4. Combination Regimens and Multi-Targeted Approaches
- Investigations into combination regimens, such as pairing secukinumab with TNF inhibitors or other biologics, may offer enhanced therapeutic benefits in patients with refractory or multi-faceted disease presentations.
- Such combination studies will need to carefully assess the safety profile and potential pharmacodynamic interactions while striving to achieve synergistic improvements in clinical outcomes.

Conclusion

Secukinumab has undergone an extensive array of clinical trials spanning multiple phases, indications, and patient demographics. In psoriasis, clinical trials have delivered robust evidence for significant PASI improvements, supporting both rapid onset of action and maintained efficacy over years of treatment. In psoriatic arthritis, secukinumab has demonstrated profound benefits on joint symptoms with favorable radiographic outcomes and functional improvements. The series of trials addressing ankylosing spondylitis confirm its efficacy in reducing spinal inflammation as well as in improving axial symptoms as measured by ASAS response criteria. Moreover, trials in hidradenitis suppurativa have provided encouraging signals for a challenging disease, prompting further research. Additionally, exploratory studies in lupus nephritis and pediatric trials in juvenile psoriatic arthritis add further dimensions to its clinical application.

Ongoing clinical trials—including open-label roll-over extensions, therapeutic drug monitoring studies, and registry-based real-world analyses—continue to expand our understanding of secukinumab’s pharmacokinetics, long-term tolerability, and optimal use in various populations. The comparative studies with other IL-17 inhibitors and biosimilars further position secukinumab as a benchmark in its class, supporting its continued evolution in indications and dosing strategies.

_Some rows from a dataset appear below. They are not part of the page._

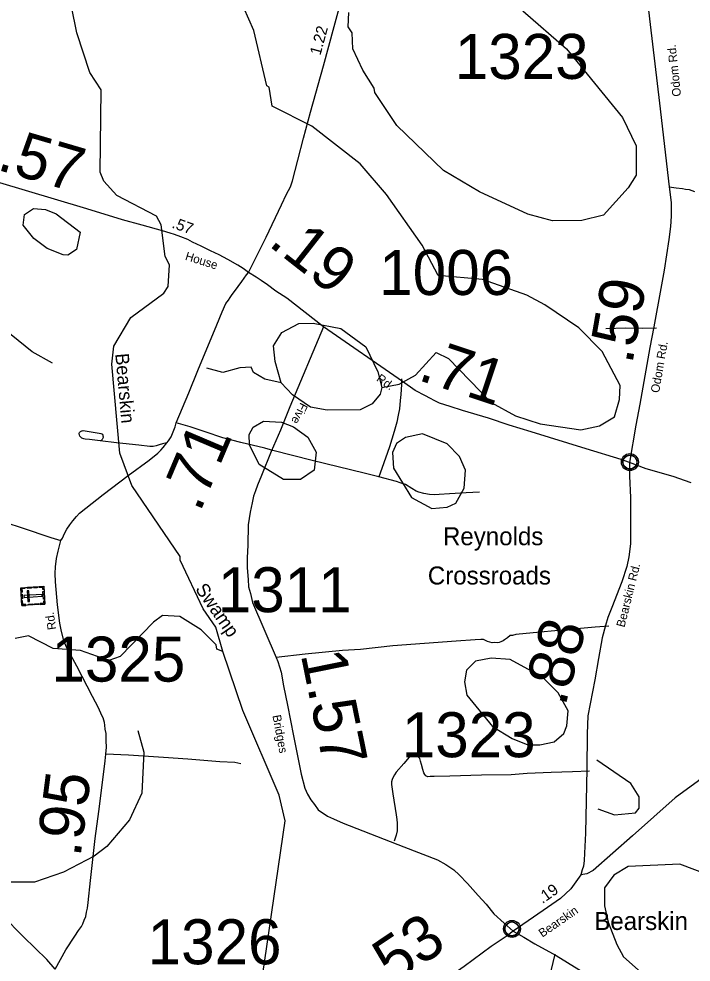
# Model space of a CAD drawing. Extents: x 2093524 to 2270757, y 289120 to 570408.
# Drawn here: x 2162986 to 2170455, y 474784 to 485262 of the extents above; entities that cross this region are included whole.
import ezdxf

# ---------------------------------------------------------------- set-up
doc = ezdxf.new("R2010")
doc.units = 0
for name, color, linetype in [('Exist Civil Demographics Community CELL', 7, 'Continuous'), ('Exist Civil Demographics Community Label', 7, 'Continuous'), ('Exist Cultural Cemetery CELL', 7, 'Continuous'), ('Exist Hydrographic Creek Single Shore', 7, 'Continuous'), ('Exist Hydrographic Misc Water Feature', 7, 'Continuous'), ('Exist Hydrographic Pond Under 1500 Sq Ft', 7, 'Continuous'), ('Exist Hydrographic Swamp Label', 7, 'Continuous'), ('Exist Road Non-System Type 51', 7, 'Continuous'), ('Exist Road Secondary Mileage Hundredths English Label', 7, 'Continuous'), ('Exist Road Secondary Type 51 Attributed', 7, 'Continuous'), ('Exist Road Secondary Type 51 Label', 7, 'Continuous'), ('Exist Road Secondary Type 51 Number Label', 7, 'Continuous')]:
    doc.layers.add(name, color=color, linetype=linetype)

msp = doc.modelspace()

# ---------------------------------------------------------------- linework, layer by layer
at = {"layer": 'Exist Civil Demographics Community CELL'}
for points in [[(2169697, 480351), (2169698, 480356), (2169700, 480363), (2169703, 480370), (2169706, 480376), (2169709, 480382), (2169713, 480387), (2169717, 480391), (2169722, 480396), (2169727, 480400), (2169733, 480404), (2169738, 480407), (2169743, 480409), (2169748, 480412), (2169754, 480413), (2169758, 480414), (2169763, 480415), (2169767, 480416), (2169773, 480416), (2169778, 480416), (2169783, 480416), (2169788, 480415), (2169793, 480414), (2169798, 480413), (2169803, 480411), (2169810, 480408), (2169816, 480404), (2169821, 480401), (2169827, 480397), (2169830, 480394), (2169834, 480389), (2169838, 480385), (2169841, 480380), (2169844, 480375), (2169847, 480370), (2169849, 480365), (2169850, 480360), (2169851, 480355), (2169852, 480349), (2169853, 480344), (2169853, 480338), (2169853, 480333), (2169853, 480327), (2169852, 480322), (2169850, 480315), (2169848, 480310), (2169846, 480304), (2169843, 480298), (2169839, 480293), (2169836, 480288), (2169832, 480284), (2169826, 480279), (2169821, 480275), (2169816, 480271), (2169812, 480269), (2169805, 480265), (2169798, 480263), (2169792, 480261), (2169786, 480260), (2169781, 480259), (2169777, 480259), (2169771, 480259), (2169767, 480260), (2169761, 480260), (2169755, 480262), (2169751, 480263), (2169745, 480265), (2169741, 480267), (2169737, 480269), (2169730, 480273), (2169725, 480277), (2169720, 480282), (2169715, 480287), (2169712, 480291), (2169709, 480295), (2169705, 480302), (2169703, 480306), (2169702, 480310), (2169699, 480318), (2169697, 480325), (2169697, 480330), (2169696, 480336), (2169696, 480341), (2169697, 480347)], [(2168387, 475165), (2168388, 475171), (2168390, 475177), (2168393, 475185), (2168396, 475190), (2168399, 475196), (2168403, 475201), (2168407, 475206), (2168411, 475210), (2168417, 475215), (2168422, 475218), (2168427, 475221), (2168432, 475224), (2168438, 475226), (2168443, 475228), (2168448, 475229), (2168452, 475230), (2168457, 475230), (2168463, 475231), (2168467, 475231), (2168473, 475230), (2168478, 475230), (2168483, 475229), (2168488, 475227), (2168493, 475225), (2168500, 475222), (2168506, 475219), (2168511, 475215), (2168516, 475211), (2168519, 475208), (2168524, 475204), (2168527, 475199), (2168531, 475195), (2168534, 475190), (2168536, 475184), (2168538, 475179), (2168540, 475174), (2168541, 475170), (2168542, 475164), (2168543, 475159), (2168543, 475153), (2168543, 475147), (2168542, 475142), (2168541, 475136), (2168540, 475130), (2168538, 475124), (2168535, 475119), (2168532, 475113), (2168529, 475108), (2168526, 475103), (2168521, 475098), (2168516, 475093), (2168511, 475089), (2168506, 475086), (2168502, 475083), (2168495, 475080), (2168488, 475077), (2168482, 475076), (2168475, 475074), (2168471, 475074), (2168466, 475074), (2168461, 475074), (2168456, 475074), (2168451, 475075), (2168445, 475076), (2168440, 475077), (2168435, 475079), (2168431, 475081), (2168427, 475084), (2168420, 475088), (2168414, 475092), (2168409, 475096), (2168405, 475101), (2168402, 475105), (2168399, 475109), (2168395, 475117), (2168393, 475120), (2168391, 475124), (2168389, 475132), (2168387, 475139), (2168386, 475144), (2168386, 475151), (2168386, 475156), (2168386, 475162)]]:
    msp.add_lwpolyline(points, close=True, dxfattribs=at)
for centre, radius in [((2169775, 480338), 94.3), ((2169775, 480339), 76.7), ((2168465, 475153), 94.3), ((2168464, 475153), 76.7)]:
    msp.add_circle(centre, radius, dxfattribs=at)
at = {"layer": 'Exist Cultural Cemetery CELL'}
for points in [[(2163020, 478744), (2163008, 478943), (2163263, 478959), (2163275, 478760)], [(2163052, 478946), (2163052, 478935), (2163020, 478933), (2163023, 478892), (2163012, 478891), (2163008, 478943)], [(2163016, 478818), (2163013, 478870), (2163024, 478871), (2163027, 478819)], [(2163043, 478855), (2163044, 478836), (2163247, 478849), (2163245, 478867)], [(2163086, 478789), (2163104, 478790), (2163097, 478908), (2163079, 478907)], [(2163125, 478939), (2163082, 478936), (2163081, 478948), (2163125, 478950)], [(2163191, 478943), (2163148, 478940), (2163147, 478952), (2163190, 478954)], [(2163265, 478925), (2163253, 478925), (2163252, 478947), (2163211, 478944), (2163211, 478955), (2163263, 478959)], [(2163260, 478816), (2163254, 478901), (2163266, 478902), (2163271, 478817)], [(2163064, 478747), (2163063, 478758), (2163031, 478756), (2163028, 478797), (2163017, 478796), (2163020, 478744)], [(2163138, 478752), (2163094, 478749), (2163094, 478760), (2163137, 478763)], [(2163205, 478756), (2163161, 478753), (2163161, 478764), (2163204, 478767)], [(2163272, 478793), (2163261, 478792), (2163262, 478770), (2163222, 478768), (2163223, 478757), (2163274, 478760)]]:
    msp.add_lwpolyline(points, close=True, dxfattribs=at)
at = {"layer": 'Exist Hydrographic Creek Single Shore'}
for points in [[(2165253, 478235), (2165176, 478503), (2165033, 478709), (2164780, 479249), (2164780, 479291), (2164243, 480079), (2164107, 480436), (2164018, 481426), (2164042, 481628), (2164231, 481946), (2164596, 482214), (2164646, 482289), (2164661, 482531), (2164610, 482621), (2164568, 482973), (2164516, 483072), (2164074, 483301), (2163931, 483458), (2163889, 483560), (2163900, 484475), (2163774, 484665), (2163630, 485107), (2163450, 486006)], [(2164014, 467432), (2164010, 468065), (2164247, 468999), (2164236, 469491), (2164251, 469658), (2164366, 470059), (2164381, 470367), (2164454, 470717), (2164552, 470951), (2165138, 471903), (2165149, 472616), (2165237, 472845), (2165619, 474121), (2165945, 476355), (2165878, 476638), (2165473, 477578), (2165253, 478235)]]:
    msp.add_lwpolyline(points, dxfattribs=at)
at = {"layer": 'Exist Hydrographic Misc Water Feature'}
for points in [[(2167019, 481169), (2167210, 481204), (2167393, 481305), (2167624, 481557), (2167758, 481488), (2168235, 481000), (2168502, 480853), (2168778, 480763), (2169229, 480698), (2169436, 480740), (2169603, 480841), (2169660, 481034), (2169668, 481191), (2169466, 481566), (2169206, 481830), (2168830, 482087), (2168629, 482193), (2168136, 482366), (2167645, 482412), (2167468, 482747), (2167072, 483310), (2166779, 483650), (2166243, 484071), (2165802, 484293), (2165766, 484503), (2165741, 484520), (2165596, 485133), (2165486, 485385)], [(2163360, 481439), (2163134, 481565), (2162741, 481878)], [(2165902, 481220), (2165718, 481260), (2165593, 481335), (2165568, 481394), (2165442, 481384), (2165252, 481335), (2165076, 481381)], [(2165253, 478235), (2165186, 478260), (2165177, 478309), (2165010, 478476), (2164775, 478625), (2164584, 478633), (2164483, 478562), (2164111, 478180), (2163986, 478136), (2163670, 478244), (2163369, 478267), (2163093, 478407), (2162944, 478380)], [(2164308, 477356), (2164376, 477115), (2164352, 476662), (2164214, 476364), (2163964, 476070), (2163824, 475961), (2163484, 475784), (2163159, 475673), (2162718, 475672), (2162159, 475811), (2161691, 475981), (2161097, 476328), (2160529, 476710), (2160136, 477006), (2159691, 477471), (2159422, 477903), (2159305, 478036), (2159029, 478183), (2158887, 478199)], [(2169419, 476485), (2169603, 476419), (2169836, 476444), (2169877, 476496), (2169877, 476621), (2169784, 476770), (2169408, 477027)]]:
    msp.add_lwpolyline(points, dxfattribs=at)
at = {"layer": 'Exist Hydrographic Pond Under 1500 Sq Ft'}
for points in [[(2168915, 483020), (2168640, 483094), (2168105, 483341), (2167705, 483579), (2167185, 484078), (2166941, 484444), (2166933, 484493), (2166808, 484693), (2166697, 484931), (2166689, 485108), (2166646, 485175), (2166654, 485332)], [(2168586, 485352), (2169071, 484929), (2169693, 484166), (2169844, 483851), (2169846, 483526), (2169755, 483384), (2169482, 483081), (2169240, 483023), (2168915, 483020)], [(2163478, 482640), (2163302, 482713), (2163152, 482821), (2163034, 482971), (2163050, 483088), (2163150, 483155), (2163283, 483146), (2163400, 483098), (2163668, 482892), (2163627, 482700), (2163529, 482639), (2163478, 482640)], [(2165902, 481220), (2165834, 481455), (2165816, 481629), (2165907, 481778), (2166098, 481879), (2166257, 481883), (2166565, 481824), (2166841, 481618), (2166975, 481343), (2167019, 481169)], [(2167019, 481169), (2167001, 481094), (2166911, 480984), (2166779, 480918), (2166412, 480915), (2166228, 480948), (2166027, 481087), (2165902, 481220)], [(2165925, 480147), (2165657, 480310), (2165547, 480529), (2165546, 480644), (2165588, 480728), (2165705, 480795), (2165904, 480781), (2166038, 480729), (2166196, 480614), (2166290, 480448), (2166266, 480249), (2166116, 480147), (2165925, 480147)], [(2167576, 479822), (2167743, 479839), (2167842, 479883), (2167933, 480048), (2167949, 480248), (2167881, 480400), (2167746, 480541), (2167471, 480654), (2167280, 480612), (2167180, 480545), (2167139, 480444), (2167149, 480270), (2167350, 479945), (2167576, 479822)], [(2168774, 477197), (2168932, 477230), (2169040, 477323), (2169073, 477408), (2169088, 477575), (2168979, 477774), (2168803, 477948), (2168444, 478145), (2168235, 478159), (2168061, 478127), (2167961, 478027), (2167937, 477899), (2167963, 477751), (2168248, 477401), (2168465, 477269), (2168641, 477196), (2168774, 477197)], [(2171041, 473993), (2171274, 474021), (2171523, 474154), (2171697, 474396), (2171713, 474524), (2171661, 474807), (2171543, 475062), (2171133, 475477), (2170798, 475694), (2170331, 475873), (2169756, 475846), (2169598, 475750), (2169491, 475608), (2169492, 475411), (2169535, 475227), (2169628, 474979), (2169703, 474843), (2170197, 474407), (2170507, 474217), (2171041, 473993)]]:
    msp.add_lwpolyline(points, dxfattribs=at)
at = {"layer": 'Exist Road Non-System Type 51'}
for points in [[(2170072, 481825), (2169920, 481823), (2169726, 481825), (2169508, 481818)], [(2167238, 481262), (2167236, 481200), (2167231, 481089), (2167224, 481021), (2167216, 480932), (2167202, 480859), (2167187, 480781), (2167157, 480679), (2167103, 480509), (2167020, 480267), (2166984, 480175)], [(2165807, 480468), (2165719, 480493), (2165451, 480556), (2165253, 480609), (2165056, 480674), (2164888, 480730), (2164734, 480773)], [(2163889, 480573), (2163829, 480581), (2163773, 480588), (2163723, 480594), (2163707, 480596), (2163697, 480600), (2163687, 480604), (2163675, 480614), (2163665, 480628), (2163659, 480640), (2163657, 480650), (2163657, 480660), (2163661, 480668), (2163663, 480672), (2163671, 480678), (2163685, 480684), (2163691, 480686), (2163701, 480688), (2163789, 480674), (2163879, 480661), (2163897, 480657), (2163909, 480651), (2163915, 480647), (2163921, 480639), (2163921, 480629), (2163923, 480621), (2163923, 480613), (2163921, 480605), (2163917, 480597), (2163911, 480589), (2163899, 480579), (2163889, 480573)], [(2164631, 480553), (2164583, 480541), (2164545, 480529), (2164513, 480518), (2164477, 480512), (2164441, 480512), (2164321, 480528), (2164070, 480552), (2163889, 480573)], [(2166984, 480175), (2166838, 480210), (2166670, 480251), (2166532, 480286), (2166244, 480358), (2165807, 480468)], [(2168105, 480005), (2167955, 479998), (2167771, 479987), (2167657, 479978), (2167605, 479974), (2167547, 479978), (2167487, 479991), (2167429, 480005), (2167401, 480017), (2167351, 480045), (2167283, 480088), (2167223, 480108), (2167181, 480122), (2166984, 480175)], [(2169539, 478515), (2169387, 478505), (2169021, 478471), (2168700, 478441), (2168506, 478422), (2168470, 478412), (2168444, 478411), (2168416, 478385), (2168382, 478365), (2168366, 478353), (2168342, 478343), (2168324, 478335), (2168304, 478331), (2168272, 478333), (2168246, 478330), (2168194, 478346), (2168172, 478356), (2168148, 478366), (2168120, 478367), (2168054, 478365), (2167844, 478350), (2167141, 478296), (2166783, 478258), (2166582, 478245), (2166166, 478205), (2165846, 478168)], [(2165453, 476987), (2165385, 477001), (2165219, 477008), (2164863, 477040), (2164593, 477058), (2164205, 477084), (2163953, 477093)], [(2169324, 476905), (2169138, 476898), (2168900, 476890), (2168635, 476879), (2168457, 476866), (2168125, 476862), (2167775, 476848), (2167601, 476845), (2167557, 476845), (2167529, 476843), (2167507, 476855), (2167495, 476868), (2167485, 476887), (2167473, 476922), (2167458, 476978), (2167450, 477018), (2167440, 477046), (2167420, 477068), (2167406, 477074), (2167384, 477078), (2167370, 477078), (2167360, 477076), (2167350, 477074), (2167324, 477061), (2167264, 476991), (2167179, 476895), (2167159, 476865), (2167143, 476839), (2167135, 476811), (2167127, 476787), (2167128, 476757), (2167142, 476655), (2167177, 476419), (2167186, 476367), (2167188, 476329), (2167188, 476293), (2167191, 476243), (2167179, 476193), (2167157, 476127)], [(2168770, 474107), (2168782, 474177), (2168842, 474439), (2168944, 474874)]]:
    msp.add_lwpolyline(points, dxfattribs=at)
at = {"layer": 'Exist Road Secondary Type 51 Attributed'}
for points in [[(2170155, 487199), (2170125, 487087), (2170063, 486833), (2170039, 486700), (2170014, 486577), (2169960, 486311), (2169944, 486213), (2169936, 486147), (2169932, 486074), (2169928, 486024), (2169927, 485905), (2169951, 485617), (2169999, 485199), (2170104, 484326), (2170212, 483395)], [(2165538, 482443), (2165732, 482838), (2165904, 483195), (2165961, 483314), (2166003, 483398), (2166026, 483464), (2166085, 483694), (2166147, 483936), (2166228, 484227), (2166371, 484741), (2166491, 485178), (2166555, 485420)], [(2165538, 482443), (2165480, 482489), (2165418, 482525), (2165307, 482590), (2165211, 482640), (2165115, 482685), (2165011, 482736), (2164917, 482780), (2164862, 482812), (2164786, 482839), (2164716, 482865), (2164666, 482882), (2164582, 482908), (2164356, 482971), (2164138, 483029), (2163743, 483153), (2162733, 483450)], [(2170212, 483395), (2170234, 483223), (2170234, 483069), (2170226, 482954), (2170208, 482812), (2170155, 482471), (2170119, 482266), (2170039, 481840), (2169995, 481612), (2169953, 481360), (2169884, 480982), (2169839, 480749), (2169770, 480334)], [(2170212, 483395), (2170287, 483384), (2170359, 483378), (2170394, 483370), (2170433, 483367), (2170491, 483344)], [(2163452, 479467), (2163470, 479493), (2163493, 479547), (2163521, 479593), (2163551, 479641), (2163586, 479687), (2163628, 479736), (2163660, 479770), (2163732, 479828), (2163923, 479977), (2164201, 480189), (2164434, 480360), (2164532, 480439), (2164564, 480471), (2164591, 480501), (2164631, 480553), (2164647, 480573), (2164679, 480619), (2164702, 480673), (2164724, 480730), (2164734, 480773), (2164876, 481108), (2164973, 481357), (2165184, 481864), (2165245, 482006), (2165286, 482100), (2165316, 482139), (2165334, 482166), (2165356, 482199), (2165383, 482233), (2165465, 482343), (2165514, 482419), (2165538, 482443)], [(2166369, 481840), (2165964, 482158), (2165841, 482237), (2165749, 482307), (2165679, 482356), (2165623, 482392), (2165538, 482443)], [(2166369, 481840), (2165995, 480952), (2165892, 480695), (2165789, 480457), (2165683, 480189), (2165639, 480084), (2165617, 480020), (2165593, 479959), (2165577, 479885), (2165556, 479784), (2165533, 479640), (2165529, 479414), (2165524, 479275), (2165524, 479165), (2165533, 479036), (2165538, 478952), (2165560, 478878), (2165583, 478780), (2165846, 478168), (2165862, 478125), (2165900, 478004), (2165928, 477853), (2165971, 477637), (2166037, 477298), (2166124, 476872), (2166163, 476717), (2166194, 476649), (2166229, 476585), (2166269, 476536), (2166311, 476477), (2166414, 476407), (2166483, 476374), (2166589, 476326), (2167262, 476064), (2167638, 475920), (2167730, 475870), (2167819, 475808), (2167878, 475755), (2167972, 475657), (2168090, 475523), (2168177, 475429), (2168263, 475321), (2168378, 475216), (2168479, 475127)], [(2169770, 480334), (2169676, 480368), (2169287, 480486), (2168679, 480676), (2168434, 480750), (2168202, 480826), (2167916, 480910), (2167777, 480956), (2167661, 480993), (2167607, 481020), (2167552, 481050), (2167503, 481074), (2167390, 481132), (2167250, 481234), (2166369, 481840)], [(2169770, 480334), (2169772, 480184), (2169782, 479947), (2169782, 479684), (2169782, 479534), (2169782, 479431), (2169761, 479287), (2169742, 479179), (2169684, 479007), (2169573, 478725), (2169528, 478613), (2169503, 478523), (2169467, 478388), (2169425, 478155), (2169385, 477921), (2169308, 477519), (2169299, 477321), (2169295, 476930), (2169283, 476218), (2169272, 475996), (2169265, 475914), (2169260, 475849), (2169243, 475809), (2169228, 475753)], [(2170457, 480110), (2170255, 480177), (2169955, 480265), (2169770, 480334)], [(2162843, 479668), (2163025, 479607), (2163342, 479500), (2163452, 479467)], [(2163388, 474704), (2163509, 474919), (2163608, 475071), (2163648, 475134), (2163682, 475178), (2163698, 475208), (2163711, 475250), (2163731, 475292), (2163739, 475338), (2163748, 475382), (2163756, 475446), (2163783, 475692), (2163834, 476156), (2163875, 476458), (2163903, 476692), (2163945, 477019), (2163953, 477093), (2163959, 477173), (2163958, 477242), (2163956, 477323), (2163947, 477373), (2163943, 477416), (2163937, 477444), (2163929, 477472), (2163923, 477498), (2163908, 477524), (2163870, 477608), (2163805, 477736), (2163629, 478070), (2163518, 478276), (2163486, 478353), (2163455, 478477), (2163443, 478549), (2163416, 478753), (2163392, 479007), (2163390, 479101), (2163393, 479175), (2163405, 479269), (2163422, 479349), (2163440, 479423), (2163452, 479467)], [(2173021, 479035), (2172897, 478802), (2172844, 478713), (2172772, 478598), (2172740, 478564), (2172663, 478486), (2172565, 478402), (2172412, 478275), (2172083, 478023), (2171250, 477372), (2170975, 477164), (2170739, 476977), (2170536, 476798), (2170277, 476608), (2169803, 476187), (2169367, 475802), (2169296, 475763), (2169228, 475753)], [(2169228, 475753), (2169120, 475597), (2169003, 475492), (2168810, 475356), (2168479, 475127)], [(2163388, 474704), (2163298, 474814), (2163039, 475064), (2162805, 475301)], [(2168479, 475127), (2168399, 475070), (2168234, 474959), (2167933, 474734), (2167606, 474504), (2167323, 474311), (2167104, 474164), (2167005, 474105), (2166927, 474046), (2166887, 474016), (2166852, 473986), (2166796, 473934), (2166736, 473867), (2166633, 473743), (2166506, 473562), (2166432, 473464), (2166391, 473422), (2166331, 473361)], [(2168479, 475127), (2168595, 475061), (2168719, 474988), (2168954, 474856), (2169461, 474547)]]:
    msp.add_lwpolyline(points, dxfattribs=at)

# ---------------------------------------------------------------- texts
at = {"layer": 'Exist Civil Demographics Community Label'}
for s, p in [('Reynolds', (2167698, 479415)), ('Crossroads', (2167530, 478979)), ('Bearskin', (2169379, 475141))]:
    msp.add_text(s, height=200, dxfattribs=at).set_placement(p)
at = {"layer": 'Exist Hydrographic Swamp Label'}
for s, rotation, p in [('Bearskin', 275.1409, (2164057, 481541)), ('Swamp', 304.7159, (2164940, 478928))]:
    msp.add_text(s, height=150, rotation=rotation, dxfattribs=at).set_placement(p)
at = {"layer": 'Exist Road Secondary Mileage Hundredths English Label'}
for s, height, rotation, p in [('1.22', 125, 74.6849, (2166336, 484850)), ('.57', 500, 343.632, (2162730, 483590)), ('.57', 125, 339.9773, (2164678, 482945)), ('.19', 500, 321.8634, (2165746, 482752)), ('.59', 500, 80.0636, (2169800, 481416)), ('.71', 500, 341.5651, (2167408, 481254)), ('.71', 500, 67.0311, (2164997, 479771)), ('.88', 500, 75.1474, (2169055, 477615)), ('1.57', 500, 281.5031, (2166117, 478202)), ('.95', 500, 82.6699, (2163670, 475942)), ('.19', 125, 35.1505, (2168803, 475428)), ('.53', 500, 33.885, (2166986, 474426))]:
    msp.add_text(s, height=height, rotation=rotation, dxfattribs=at).set_placement(p)
at = {"layer": 'Exist Road Secondary Type 51 Label'}
for s, rotation, p in [('Odom Rd.', 95.9201, (2170343, 484404)), ('House', 342.6001, (2164827, 482587)), ('Odom Rd.', 80.1689, (2170098, 481102)), ('Rd.', 324.0349, (2166951, 481248)), ('Five', 243.2309, (2166117, 481006)), ('Bearskin Rd.', 75.872, (2169714, 478497)), ('Rd.', 98.4737, (2163402, 478482)), ('Bridges', 280.604, (2165803, 477522)), ('Bearskin', 34.6458, (2168802, 475055))]:
    msp.add_text(s, height=95, rotation=rotation, dxfattribs=at).set_placement(p)
at = {"layer": 'Exist Road Secondary Type 51 Number Label'}
for s, p in [('1323', (2167829, 484595)), ('1006', (2166990, 482195)), ('1311', (2165196, 478671)), ('1325', (2163348, 477900)), ('1323', (2167240, 477060)), ('1326', (2164417, 474760))]:
    msp.add_text(s, height=500, dxfattribs=at).set_placement(p)

doc.saveas('drawing.dxf')

In conclusion, the clinical trials conducted for secukinumab, as referenced from numerous structured synapse source documents, collectively demonstrate its robust efficacy, favorable safety profile, and versatility across a spectrum of immune-mediated inflammatory diseases. Secukinumab has not only reshaped the treatment paradigm for psoriasis and psoriatic arthritis but also holds immense promise for conditions such as ankylosing spondylitis and hidradenitis suppurativa. Ongoing research and long-term real-world evidence continue to highlight its benefits and will guide future developments in biologic therapies. The detailed clinical trial data provide a powerful testament to secukinumab’s role in modern medicine and underscore the importance of continued research into its optimal use and potential new indications.